Harold Wilson’s Labour government of 1964 to 1970 was more committed to nuclear chauvinism. In the late 1960s, the National Coal Board publicly complained about the Labour government’s refusal to commission any coal-fired power stations and argued that this was based on a misplaced faith in the cheapness of nuclear power. While successive ministers of power publicly quelled such doubt, economists attached to the cabinet office reinforced it. Do we really know with such certainty that they are wrong? asked Andrew Graham, the economic advisor to Harold Wilson. Why were these warnings ignored? Because politicians felt that the Labour government had to order several British-designed advanced gas-cooled reactors to show the world their confidence in the machine and thus gain export orders. As it happened, no AGR was ever exported. Yet, this brought little hubris. The Labour governments of the 1970s continued to back British-designed nuclear reactors, even when their officials told them that this could destroy the British power plant industry, which desperately needed export orders to stay alive. It was thought that only switching to the American designs would provide foreign orders. Labour politicians and union leaders, though, could not abide abandoning British-designed machines.

The Thatcher government was less autarkic and quickly announced their support for American-designed nuclear reactors. Yet, dreams of British export success in nuclear machines did not end there. It is telling that as prime minister, Margaret Thatcher, did not see the Three Mile Island accident as a warning, but as an opportunity. Thatcher argued that Britain could develop the first pressurised water reactor that incorporated the lessons of the accident, which would enable the nation to finally seriously enter the export market in nuclear machinery. Only in 1989 did the Conservatives abandon their ambitions for a nuclear power programme after the economic evidence against it became overwhelming.

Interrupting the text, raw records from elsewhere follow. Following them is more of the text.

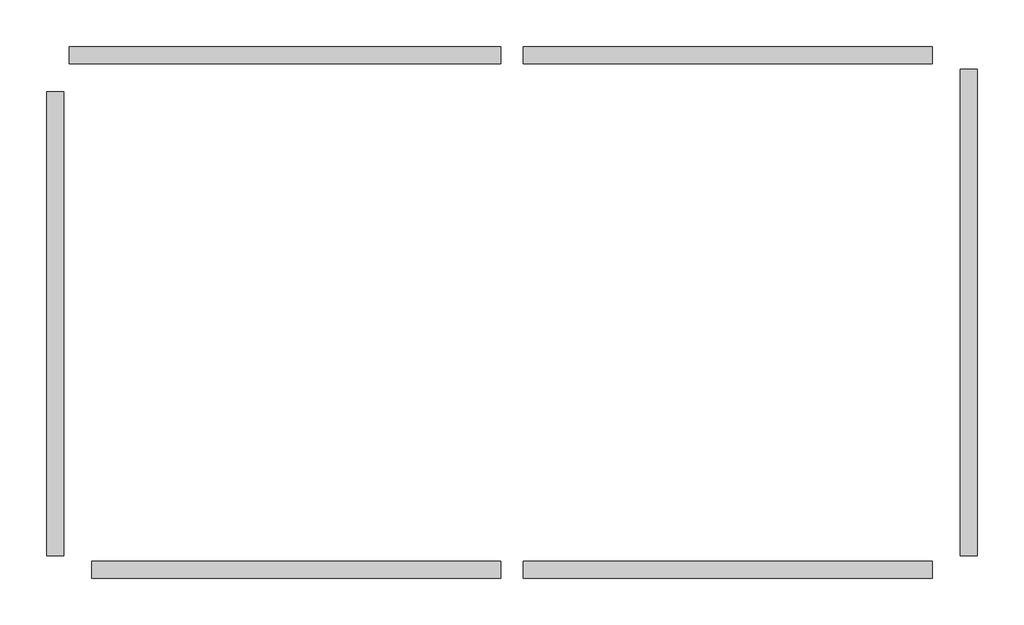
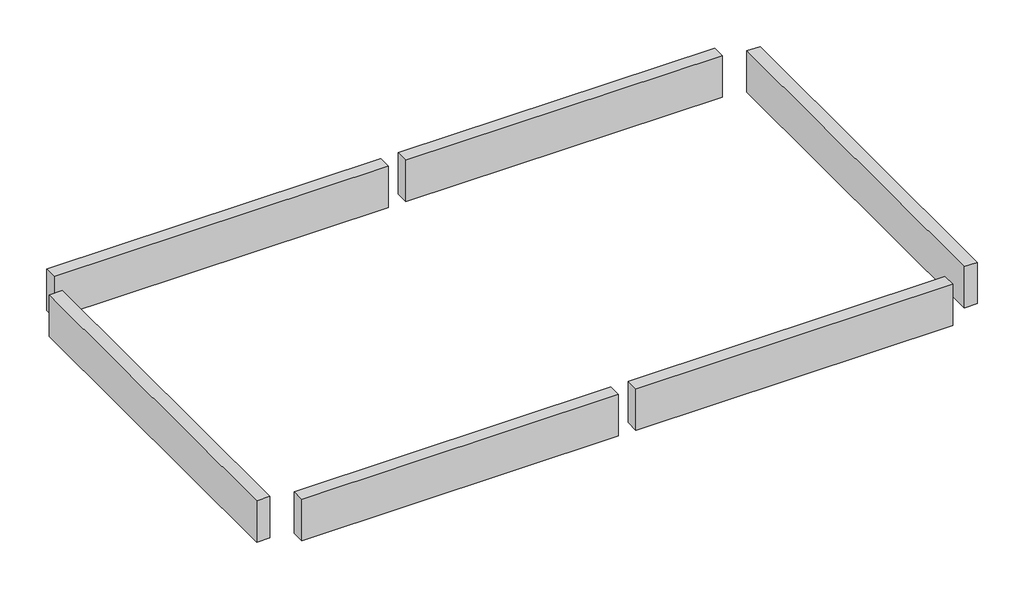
# One storey: 4 beams.
"""IFC4 building model written with IfcOpenShell, lengths in millimetres."""

from ifc_helpers import new_model, si_unit, frame, origin, place, context, project, spatial, polyline, outline, extrude, element, save

model = new_model("IFC4")

# Units and contexts
model_context = context("Model", 3, world=origin())
ifc_project = project(units=[si_unit("LENGTHUNIT", "METRE", prefix="MILLI")], contexts=[model_context])

# Site, building, storey
site = spatial("IfcSite", under=ifc_project)
building = spatial("IfcBuilding", under=site)
storey = spatial("IfcBuildingStorey", under=building, Name="CAIXA DE AGUA", Elevation=7050.0)

# Beams
placement = place(None, origin())
element("IfcBeam", 1, ObjectType="TQS - Viga retangular : 15,0 x 50,0", at=placement, inside=storey, context=model_context, shape_type="SweptSolid", body=[
    extrude(outline(polyline([(5500.0, 25650.0), (5500.0, 25800.0), (9315.0, 25800.0), (9315.0, 25650.0), (5500.0, 25650.0)])), frame((0.0, 0.0, 6550.0), z_axis=(0.0, 0.0, 1.0), x_axis=(1.0, 0.0, 0.0)), (0.0, 0.0, 1.0), 500.0),
    extrude(outline(polyline([(13130.0, 25800.0), (13130.0, 25650.0), (9515.0, 25650.0), (9515.0, 25800.0), (13130.0, 25800.0)])), frame((0.0, 0.0, 6550.0), z_axis=(0.0, 0.0, 1.0), x_axis=(1.0, 0.0, 0.0)), (0.0, 0.0, 1.0), 500.0),
])
element("IfcBeam", 2, ObjectType="TQS - Viga retangular : 15,0 x 50,0", at=placement, inside=storey, context=model_context, shape_type="SweptSolid", body=[
    extrude(outline(polyline([(5700.0, 21100.0), (5700.0, 21250.0), (9315.0, 21250.0), (9315.0, 21100.0), (5700.0, 21100.0)])), frame((0.0, 0.0, 6550.0), z_axis=(0.0, 0.0, 1.0), x_axis=(1.0, 0.0, 0.0)), (0.0, 0.0, 1.0), 500.0),
    extrude(outline(polyline([(13130.0, 21250.0), (13130.0, 21100.0), (9515.0, 21100.0), (9515.0, 21250.0), (13130.0, 21250.0)])), frame((0.0, 0.0, 6550.0), z_axis=(0.0, 0.0, 1.0), x_axis=(1.0, 0.0, 0.0)), (0.0, 0.0, 1.0), 500.0),
])
element("IfcBeam", 3, ObjectType="TQS - Viga retangular : 15,0 x 50,0", at=placement, inside=storey, context=model_context, shape_type="SweptSolid", body=[
    extrude(outline(polyline([(13380.0, 25600.0), (13530.0, 25600.0), (13530.0, 21300.0), (13380.0, 21300.0), (13380.0, 25600.0)])), frame((0.0, 0.0, 6550.0), z_axis=(0.0, 0.0, 1.0), x_axis=(1.0, 0.0, 0.0)), (0.0, 0.0, 1.0), 500.0),
])
element("IfcBeam", 4, ObjectType="TQS - Viga retangular : 15,0 x 50,0", at=placement, inside=storey, context=model_context, shape_type="SweptSolid", body=[
    extrude(outline(polyline([(5300.0, 25400.0), (5450.0, 25400.0), (5450.0, 21300.0), (5300.0, 21300.0), (5300.0, 25400.0)])), frame((0.0, 0.0, 6550.0), z_axis=(0.0, 0.0, 1.0), x_axis=(1.0, 0.0, 0.0)), (0.0, 0.0, 1.0), 500.0),
])

save(model, "model.ifc")

Hinkley Point C could well symbolise the absurdity of an uncritical economic liberalism

How does all of this help us understand Hinkley Point C? Well, it demonstrates how throughout post-war British history, an irrational political economy guided nuclear power decisions. There is reason to think that this remains the case. Whereas nuclear power stations used to be built for the sake of a misguided economic nationalism, Hinkley Point C could well symbolise the absurdity of an uncritical economic liberalism – an atomic white elephant demonstrating the peculiar lengths the British government will go to attract Chinese investment.

Speaking in Beijing in 2015, George Osborne, as chancellor of the exchequer, described Hinkley Point C as a “win-win-win for the UK and… a great example of how the relationship with China has a direct material benefit to the people living in our country”. He also celebrated how the project opened the door for a new majority Chinese-owned nuclear power station at Bradwell. Those few senior Conservative figures who are publicly sceptical of the project also point towards the centrality of Chinese money. In 2015, Nick Timothy, then the director of the New Schools Network and future joint chief of staff to Theresa May, complained on Conservative Home that Hinkley Point C exposed a “desperate desire for Chinese trade and investment”. The deal seemingly silenced British criticism of human rights abuses and sidelined legitimate national security concerns about allowing China to build its own nuclear reactors in Britain. It is rather curious that despite the radical shift in Britain’s political economy over the past forty years, nuclear power is still capable of revealing its absurdities.